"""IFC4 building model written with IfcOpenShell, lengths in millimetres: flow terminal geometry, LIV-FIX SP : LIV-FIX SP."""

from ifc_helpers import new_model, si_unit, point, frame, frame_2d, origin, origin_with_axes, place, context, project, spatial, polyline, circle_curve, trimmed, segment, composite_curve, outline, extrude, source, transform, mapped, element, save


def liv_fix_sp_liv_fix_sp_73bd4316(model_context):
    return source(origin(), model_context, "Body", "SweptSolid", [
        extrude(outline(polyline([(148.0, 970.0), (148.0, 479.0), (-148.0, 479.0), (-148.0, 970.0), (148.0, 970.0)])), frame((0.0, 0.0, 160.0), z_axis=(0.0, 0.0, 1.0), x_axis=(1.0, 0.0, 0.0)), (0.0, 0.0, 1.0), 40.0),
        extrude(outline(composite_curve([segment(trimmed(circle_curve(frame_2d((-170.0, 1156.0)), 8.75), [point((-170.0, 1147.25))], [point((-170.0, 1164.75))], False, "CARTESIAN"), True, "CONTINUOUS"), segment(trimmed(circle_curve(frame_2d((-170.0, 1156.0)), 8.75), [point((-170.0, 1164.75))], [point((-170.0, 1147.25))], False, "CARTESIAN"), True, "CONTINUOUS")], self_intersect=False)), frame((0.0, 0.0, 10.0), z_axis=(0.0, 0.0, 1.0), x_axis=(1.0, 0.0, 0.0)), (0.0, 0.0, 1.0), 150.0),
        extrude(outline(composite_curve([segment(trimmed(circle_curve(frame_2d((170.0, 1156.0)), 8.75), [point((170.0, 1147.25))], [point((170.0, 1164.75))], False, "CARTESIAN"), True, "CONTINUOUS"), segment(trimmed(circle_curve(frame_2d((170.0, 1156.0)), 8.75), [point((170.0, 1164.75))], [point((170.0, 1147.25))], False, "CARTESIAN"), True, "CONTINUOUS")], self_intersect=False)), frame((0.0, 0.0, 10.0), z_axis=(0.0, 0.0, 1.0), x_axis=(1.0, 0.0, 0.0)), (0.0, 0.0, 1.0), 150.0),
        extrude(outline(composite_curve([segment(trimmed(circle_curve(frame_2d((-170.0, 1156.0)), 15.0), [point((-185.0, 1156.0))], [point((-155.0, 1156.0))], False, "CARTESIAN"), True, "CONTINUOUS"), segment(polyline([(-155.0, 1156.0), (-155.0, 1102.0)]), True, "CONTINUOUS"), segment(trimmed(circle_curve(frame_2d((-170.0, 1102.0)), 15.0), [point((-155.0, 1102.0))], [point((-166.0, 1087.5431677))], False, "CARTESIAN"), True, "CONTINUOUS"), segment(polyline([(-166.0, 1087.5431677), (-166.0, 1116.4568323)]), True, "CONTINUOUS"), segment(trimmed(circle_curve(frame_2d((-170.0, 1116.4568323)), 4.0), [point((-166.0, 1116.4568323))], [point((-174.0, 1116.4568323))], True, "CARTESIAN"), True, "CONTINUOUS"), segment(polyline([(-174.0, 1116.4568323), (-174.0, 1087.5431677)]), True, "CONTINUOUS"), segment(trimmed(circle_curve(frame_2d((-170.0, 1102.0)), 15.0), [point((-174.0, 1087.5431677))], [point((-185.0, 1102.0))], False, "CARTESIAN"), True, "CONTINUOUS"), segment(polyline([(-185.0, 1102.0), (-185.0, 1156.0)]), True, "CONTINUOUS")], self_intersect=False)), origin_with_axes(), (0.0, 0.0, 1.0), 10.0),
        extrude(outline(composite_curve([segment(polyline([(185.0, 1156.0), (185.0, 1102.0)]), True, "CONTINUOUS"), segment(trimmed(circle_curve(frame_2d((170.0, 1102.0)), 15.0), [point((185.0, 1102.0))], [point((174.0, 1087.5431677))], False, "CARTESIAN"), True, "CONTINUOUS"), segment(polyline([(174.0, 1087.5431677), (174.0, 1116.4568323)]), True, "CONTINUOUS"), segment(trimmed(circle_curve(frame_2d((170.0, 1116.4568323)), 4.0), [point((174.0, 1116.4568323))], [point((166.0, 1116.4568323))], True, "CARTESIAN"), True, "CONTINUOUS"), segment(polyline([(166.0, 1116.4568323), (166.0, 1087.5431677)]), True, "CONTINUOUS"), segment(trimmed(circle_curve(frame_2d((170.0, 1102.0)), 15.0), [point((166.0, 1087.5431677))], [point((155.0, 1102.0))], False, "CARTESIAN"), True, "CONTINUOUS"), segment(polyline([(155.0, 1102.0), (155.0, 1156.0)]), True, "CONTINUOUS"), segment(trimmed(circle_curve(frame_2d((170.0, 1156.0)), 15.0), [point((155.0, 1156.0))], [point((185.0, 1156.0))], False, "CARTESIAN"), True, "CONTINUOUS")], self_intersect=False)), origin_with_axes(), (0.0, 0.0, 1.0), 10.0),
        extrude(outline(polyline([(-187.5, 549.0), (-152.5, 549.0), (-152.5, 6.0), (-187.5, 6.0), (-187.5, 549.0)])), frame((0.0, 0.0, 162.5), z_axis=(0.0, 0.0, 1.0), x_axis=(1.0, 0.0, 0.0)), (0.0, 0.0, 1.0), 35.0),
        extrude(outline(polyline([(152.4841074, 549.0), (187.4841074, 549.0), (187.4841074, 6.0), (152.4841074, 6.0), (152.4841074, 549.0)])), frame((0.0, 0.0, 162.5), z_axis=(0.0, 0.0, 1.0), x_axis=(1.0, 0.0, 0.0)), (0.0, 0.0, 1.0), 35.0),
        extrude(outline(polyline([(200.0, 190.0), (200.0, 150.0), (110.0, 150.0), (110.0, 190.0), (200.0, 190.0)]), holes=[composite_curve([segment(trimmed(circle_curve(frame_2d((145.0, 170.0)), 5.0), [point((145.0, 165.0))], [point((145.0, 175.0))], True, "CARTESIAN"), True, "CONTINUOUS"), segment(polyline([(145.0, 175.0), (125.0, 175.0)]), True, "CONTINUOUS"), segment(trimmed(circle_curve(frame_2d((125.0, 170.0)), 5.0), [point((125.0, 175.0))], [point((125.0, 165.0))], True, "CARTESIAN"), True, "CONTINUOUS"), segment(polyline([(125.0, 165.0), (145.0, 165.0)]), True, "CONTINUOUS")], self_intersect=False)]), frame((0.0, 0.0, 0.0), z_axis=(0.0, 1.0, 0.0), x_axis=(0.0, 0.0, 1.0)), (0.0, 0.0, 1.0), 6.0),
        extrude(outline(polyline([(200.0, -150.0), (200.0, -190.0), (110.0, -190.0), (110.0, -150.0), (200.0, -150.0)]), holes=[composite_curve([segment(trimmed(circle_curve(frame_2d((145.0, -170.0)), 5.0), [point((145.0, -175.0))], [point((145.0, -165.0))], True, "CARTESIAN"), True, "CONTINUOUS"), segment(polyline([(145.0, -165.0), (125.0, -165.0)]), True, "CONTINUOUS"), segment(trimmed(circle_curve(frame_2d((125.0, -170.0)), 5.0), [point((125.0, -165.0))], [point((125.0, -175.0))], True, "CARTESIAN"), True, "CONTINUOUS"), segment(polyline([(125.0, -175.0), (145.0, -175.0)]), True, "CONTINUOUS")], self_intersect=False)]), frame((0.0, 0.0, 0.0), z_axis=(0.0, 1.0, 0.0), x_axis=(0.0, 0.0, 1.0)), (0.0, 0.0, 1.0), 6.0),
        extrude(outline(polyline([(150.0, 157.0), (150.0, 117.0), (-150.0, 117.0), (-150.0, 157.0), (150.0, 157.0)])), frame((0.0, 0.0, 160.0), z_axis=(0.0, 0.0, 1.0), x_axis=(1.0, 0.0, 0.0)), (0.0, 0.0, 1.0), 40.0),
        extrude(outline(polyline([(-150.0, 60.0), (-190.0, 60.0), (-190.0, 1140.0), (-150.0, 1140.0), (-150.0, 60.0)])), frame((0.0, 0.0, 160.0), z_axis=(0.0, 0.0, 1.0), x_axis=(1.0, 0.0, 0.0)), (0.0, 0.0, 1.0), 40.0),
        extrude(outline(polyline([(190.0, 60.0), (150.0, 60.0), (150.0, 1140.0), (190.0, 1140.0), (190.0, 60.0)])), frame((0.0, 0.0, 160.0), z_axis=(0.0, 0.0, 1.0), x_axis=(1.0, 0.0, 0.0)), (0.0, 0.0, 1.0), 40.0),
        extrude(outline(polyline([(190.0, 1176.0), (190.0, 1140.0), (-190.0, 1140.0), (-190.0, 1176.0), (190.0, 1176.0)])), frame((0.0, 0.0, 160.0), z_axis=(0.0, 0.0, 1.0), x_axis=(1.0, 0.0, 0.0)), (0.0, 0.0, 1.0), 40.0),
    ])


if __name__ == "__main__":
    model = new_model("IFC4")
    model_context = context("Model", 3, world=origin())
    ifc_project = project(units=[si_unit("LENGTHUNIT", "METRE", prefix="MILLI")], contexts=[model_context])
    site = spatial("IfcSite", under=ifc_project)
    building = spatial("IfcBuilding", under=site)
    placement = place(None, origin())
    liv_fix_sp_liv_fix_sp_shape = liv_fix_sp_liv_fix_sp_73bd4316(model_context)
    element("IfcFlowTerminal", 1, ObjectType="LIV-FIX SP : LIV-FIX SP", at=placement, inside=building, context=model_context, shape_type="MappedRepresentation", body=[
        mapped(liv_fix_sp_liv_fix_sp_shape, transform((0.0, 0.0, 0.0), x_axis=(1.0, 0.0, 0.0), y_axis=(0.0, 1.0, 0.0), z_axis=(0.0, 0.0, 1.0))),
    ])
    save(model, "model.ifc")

───

Task to complete >> Using the data above, show each line where "under" occurs.

Final answer >>
    site = spatial("IfcSite", under=ifc_project)
    building = spatial("IfcBuilding", under=site)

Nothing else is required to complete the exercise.